Segment Open

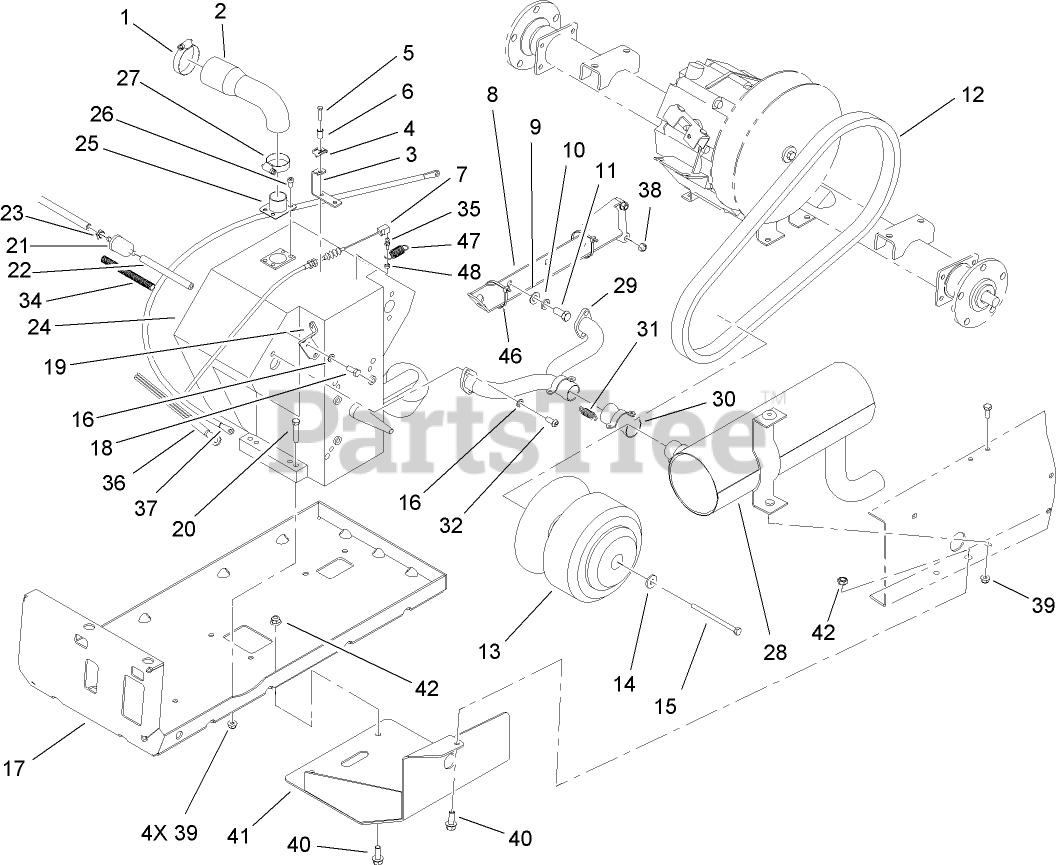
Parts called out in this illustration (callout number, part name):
1	CLAMP-HOSE
2	HOSE-INTAKE
3	BRACKET-CABLE
4	CLAMP-CABLE
5	SCREW-HH
6	NUT-CLINCH
7	CABLE-ACCELERATOR
8	TORQUE ARM ASM
9	WASHER-FLAT
10	WASHER-LOCK
11	SCREW-HH
12	BELT-DRIVE
14	WASHER
15	SCREW-HH
16	WASHER-LOCK
17	MOUNT-ENGINE
19	BRACKET-CABLE, THROTTLE
20	SCREW-HH
21	FILTER-FUEL
22	HOSE-FUEL
23	CLAMP-HOSE
25	BRACKET-INTAKE
26	SCREW-HSH
27	CLAMP-HOSE
28	MUFFLER-ENGINE
29	MANIFOLD-ENGINE
30	COUPLER-EXHAUST
31	SPRING-EXTENSION
32	SCREW-HSBH
34	CONDUIT-LINE, FUEL
35	BALL-STUD
36	HARNESS-WIRE, ENGINE
37	POSITIVE WIRE ASM
38	NUT-LOCK, NI
39	NUT-HF, NI
40	SCREW-HHF
41	CLUTCH GUARD ASM
42	NUT-HF, NI
46	TIE-CABLE
47	SPRING-BRAKE
48	KEEPER-SPRING

Segment Closed

● Required work
First drop every picture, then print the data above exactly as it stands.

● The completed task
Parts called out in this illustration (callout number, part name):
1	CLAMP-HOSE
2	HOSE-INTAKE
3	BRACKET-CABLE
4	CLAMP-CABLE
5	SCREW-HH
6	NUT-CLINCH
7	CABLE-ACCELERATOR
8	TORQUE ARM ASM
9	WASHER-FLAT
10	WASHER-LOCK
11	SCREW-HH
12	BELT-DRIVE
14	WASHER
15	SCREW-HH
16	WASHER-LOCK
17	MOUNT-ENGINE
19	BRACKET-CABLE, THROTTLE
20	SCREW-HH
21	FILTER-FUEL
22	HOSE-FUEL
23	CLAMP-HOSE
25	BRACKET-INTAKE
26	SCREW-HSH
27	CLAMP-HOSE
28	MUFFLER-ENGINE
29	MANIFOLD-ENGINE
30	COUPLER-EXHAUST
31	SPRING-EXTENSION
32	SCREW-HSBH
34	CONDUIT-LINE, FUEL
35	BALL-STUD
36	HARNESS-WIRE, ENGINE
37	POSITIVE WIRE ASM
38	NUT-LOCK, NI
39	NUT-HF, NI
40	SCREW-HHF
41	CLUTCH GUARD ASM
42	NUT-HF, NI
46	TIE-CABLE
47	SPRING-BRAKE
48	KEEPER-SPRING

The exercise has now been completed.